Our model reduces our RMSE error with respect to the baseline; we are correcting the low-cost sensor readings with about 50% reduction in error in `i25_denver` and 30% in `CAMP`. Data from these locations have not been seen by our model. There is some progress, right? See table below.

  | Location| Baseline RMSE| Linear model 1 RMSE|
  |---|---|---|
   |**Train**|---|---|
  |NJH | 4.36| 2.28|
  |i25_glo_1|6.67|3.97|
  |i25_glo_2|4.55|3.57|
  |i25_glo_3|5.41|3.65|
  |la_casa|6.06|2.86|
   |**Train**|---|---|
  |CAMP|2.35|1.64|
  |i25_denver|8.04|4.47|
  

# EXERCISE 

We need to repeat this process above for other feature sets defined in `model_features`.

For faster iterations, you can use `run_training_eval` function to iterate over features.

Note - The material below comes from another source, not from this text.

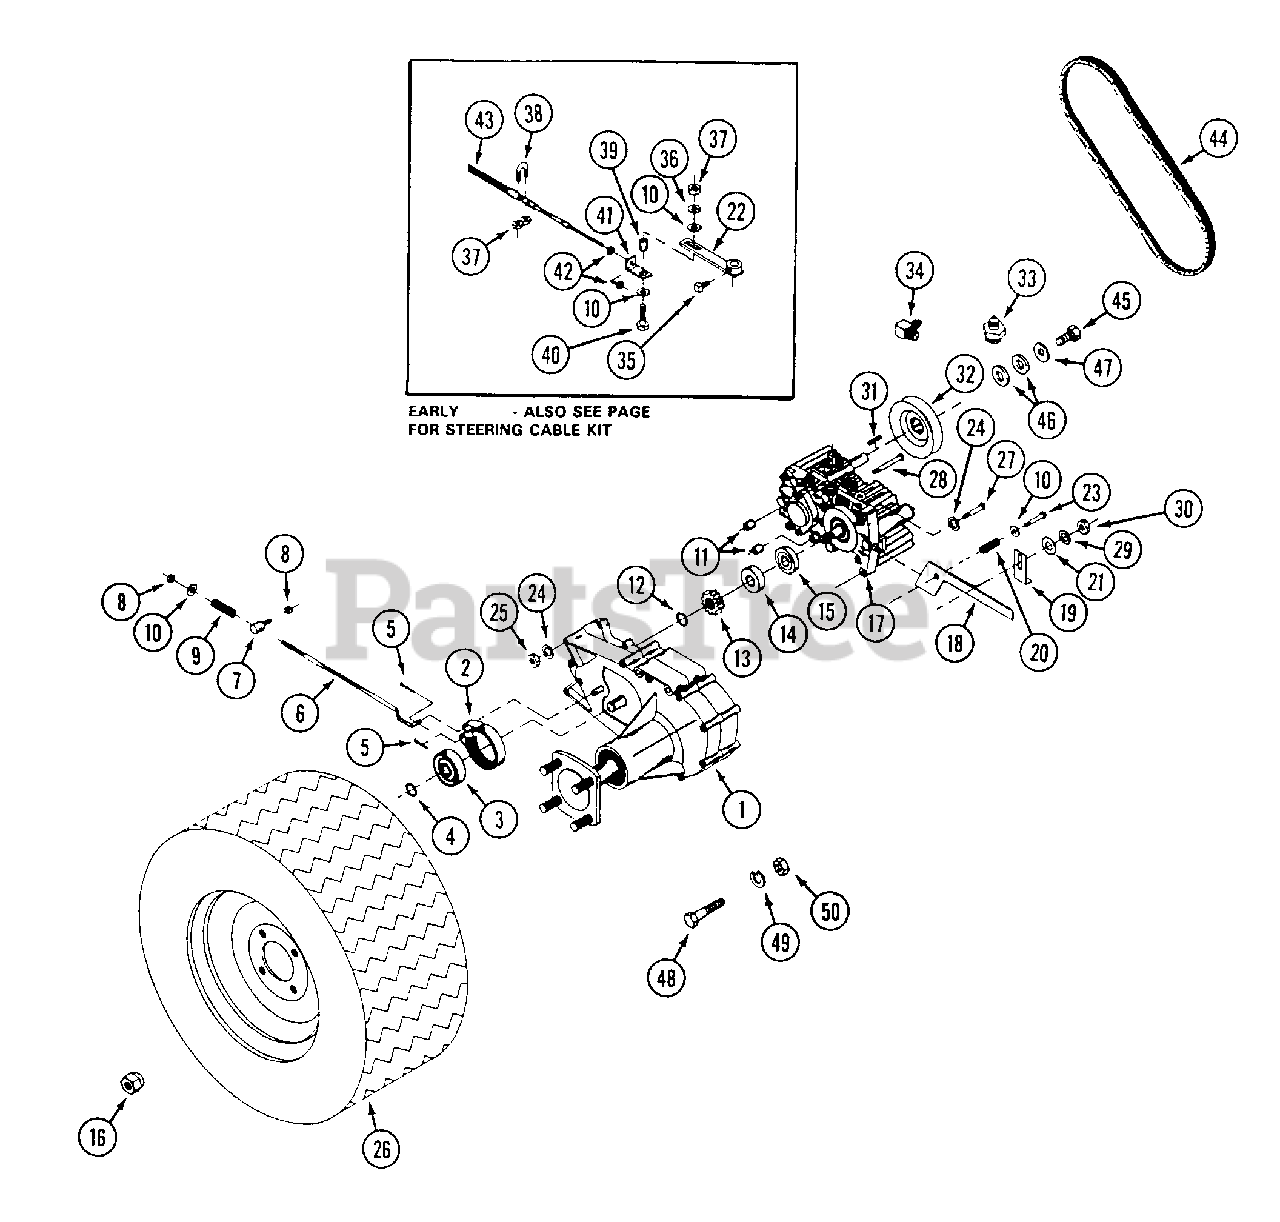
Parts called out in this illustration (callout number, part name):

Take not that the `run_training_eval` function also takes an `èstimator` argument which defaults to `LinearRegressor()`. You can change the value passed to this argument to `RandomForestRegressor` (which has alrready been imported into this notebook). This way, you can try they random forest model.  

Start with exploring all the possible features defined in `model_features` for `LinearRegressor()` before proceeding to `RandomForestRegressor`.

Find out what your best model is and deepen your exploration of this model using things like scatter plots for camparing corrected and not corrected `pm_cs`values. You model output is the corrected `pm_cs`value.

You can also find the feature importances by using `.feature_importances_`on your trained model. If you apply `run_training_eval`to fit your model, you will find the trained model in by using the `model`on the output dictionary.

You can then proceed to check for disaggregated errors for your best model.